Circle 110- Does that mean we need to get the work visa before bringing the car or can we enter as tourist (with the car) and when we get the work visa do the car paperwork? I appreciate your help.


----------



## bournemouth (May 15, 2007)

I think you will find that if you are working, you cannot have a foreign plated vehicle. Your company can probably help you make sense of the laws regarding who may have one.


----------



## circle110 (Jul 20, 2009)

ReyMiguel said:


> Circle 110- Does that mean we need to get the work visa before bringing the car or can we enter as tourist (with the car) and when we get the work visa do the car paperwork? I appreciate your help.


As I understand the new immigration laws, all non-tourist visas must be initiated at a Mexican consulate in your home country. It may be different if a company is sponsoring you but that is out of my zone of experience so I can't say for sure.

You used to be able to do what you are describing - as a matter of fact, that's what I did - but the new laws may have eliminated that option. You should talk to 1) your employer and 2) your nearest Mexican consulate to get information on the current procedure.


----------



## circle110 (Jul 20, 2009)

bournemouth said:


> I think you will find that if you are working, you cannot have a foreign plated vehicle. Your company can probably help you make sense of the laws regarding who may have one.


That used to be the case if you had an FM2/"inmigrante" visa and is still the case if you have a "residente permanente" visa but I don't believe that Aduana has officially weighed in the car permit status of "residente temporal" with a work permit. 

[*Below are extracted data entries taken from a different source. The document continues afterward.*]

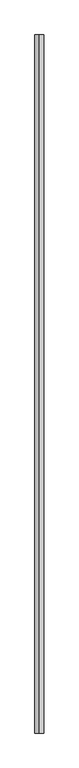
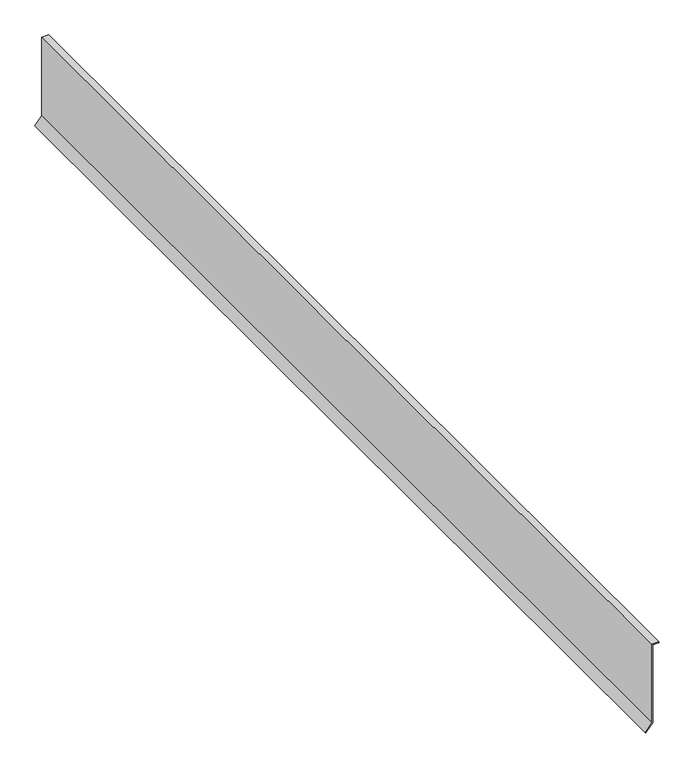
"""IFC4 building model written with IfcOpenShell, lengths in millimetres: proxy geometry, GRAVEL STOP003 3744 : GRAVEL STOP003 3744."""

from ifc_helpers import new_model, si_unit, frame, origin, place, context, project, spatial, polyline, outline, extrude, source, transform, mapped, element, save


def generic_models_73d50619(model_context):
    return source(origin(), model_context, "Body", "SweptSolid", [
        extrude(outline(polyline([(40082.2407116, -5046.164524), (40081.3605882, -5045.0615204), (40097.4918556, -5032.189842), (40253.3245993, -5032.189842), (40253.3245993, -5020.4219233), (40254.7357103, -5020.4219233), (40254.7357103, -5033.600953), (40097.9858473, -5033.600953), (40082.2407116, -5046.164524)])), frame((0.0, -1052.8906573, 0.0), z_axis=(0.0, 1.0, 0.0), x_axis=(0.0, 0.0, 1.0)), (0.0, 0.0, 1.0), 2000.25),
    ])


if __name__ == "__main__":
    model = new_model("IFC4")
    model_context = context("Model", 3, world=origin())
    ifc_project = project(units=[si_unit("LENGTHUNIT", "METRE", prefix="MILLI")], contexts=[model_context])
    site = spatial("IfcSite", under=ifc_project)
    building = spatial("IfcBuilding", under=site)
    placement = place(None, origin())
    generic_models_shape = generic_models_73d50619(model_context)
    element("IfcBuildingElementProxy", 1, Name="GRAVEL STOP003 3744 : GRAVEL STOP003 3744", ObjectType="GRAVEL STOP003 3744 : GRAVEL STOP003 3744", at=placement, inside=building, context=model_context, shape_type="MappedRepresentation", body=[
        mapped(generic_models_shape, transform((0.0, 0.0, 0.0), x_axis=(1.0, 0.0, 0.0), y_axis=(0.0, 1.0, 0.0), z_axis=(0.0, 0.0, 1.0))),
    ])
    save(model, "model.ifc")

# Revit data of these elements
# Type "GRAVEL STOP003 3744 : GRAVEL STOP003 3744"
#   NameOverride = "GRAVEL STOP003"
# Element 1 (IfcBuildingElementProxy, "GRAVEL STOP003 3744 : GRAVEL STOP003 3744")
#   Materials on its faces: "GRAVEL STOP REQUIRED WITH GRAVEL SURFACE SYSTEMS"
# Materials
#   "GRAVEL STOP REQUIRED WITH GRAVEL SURFACE SYSTEMS": class "Unassigned", colour RGB 170 170 127, transparency 0

Many ex FM3-with-work-permit holders have foreign cars because it was allowed under the old rules. Aduana is still revising their regulations to match the changes by INM and things are still a little fuzzy.

I would say that you should contact Aduana directly to ask and see what their current policy is.


----------



## tepetapan (Sep 30, 2010)

If bringing in a car with a work visa is a problem just transfer the title of the car to your wife. Then she can bring it in with no hassle since she does not need a work visa.


----------



## RVGRINGO (May 16, 2007)

Remember that your residente temporal visa will cause you to convert to residente permanente after four years. At that time, you will face the prospect of having to remove your vehicle from Mexico and purchasing a replacement in Mexico.


----------



## circle110 (Jul 20, 2009)

RVGRINGO said:


> Remember that your residente temporal visa will cause you to convert to residente permanente after four years. At that time, you will face the prospect of having to remove your vehicle from Mexico and purchasing a replacement in Mexico.


That shouldn't affect the OP since he said it was a only 2 year assignment, but that would be good for him to keep in mind in case he decides to extend his stay at some point.


----------



## ReyMiguel (Mar 21, 2013)

Thank you all for your posts, definitely will be only 2 years. 3 if we get very lucky. It seems like bringing a car is doable, which is a big plus for us. 

Buying a new car in every country and having to sell it when leaving is always a pain. I will check with the Mexican embassy here in Manila and ask the Company for there help too.

Planning a look and see trip in April and taking the kids for their interview at ASF.

Thanks
Rey


----------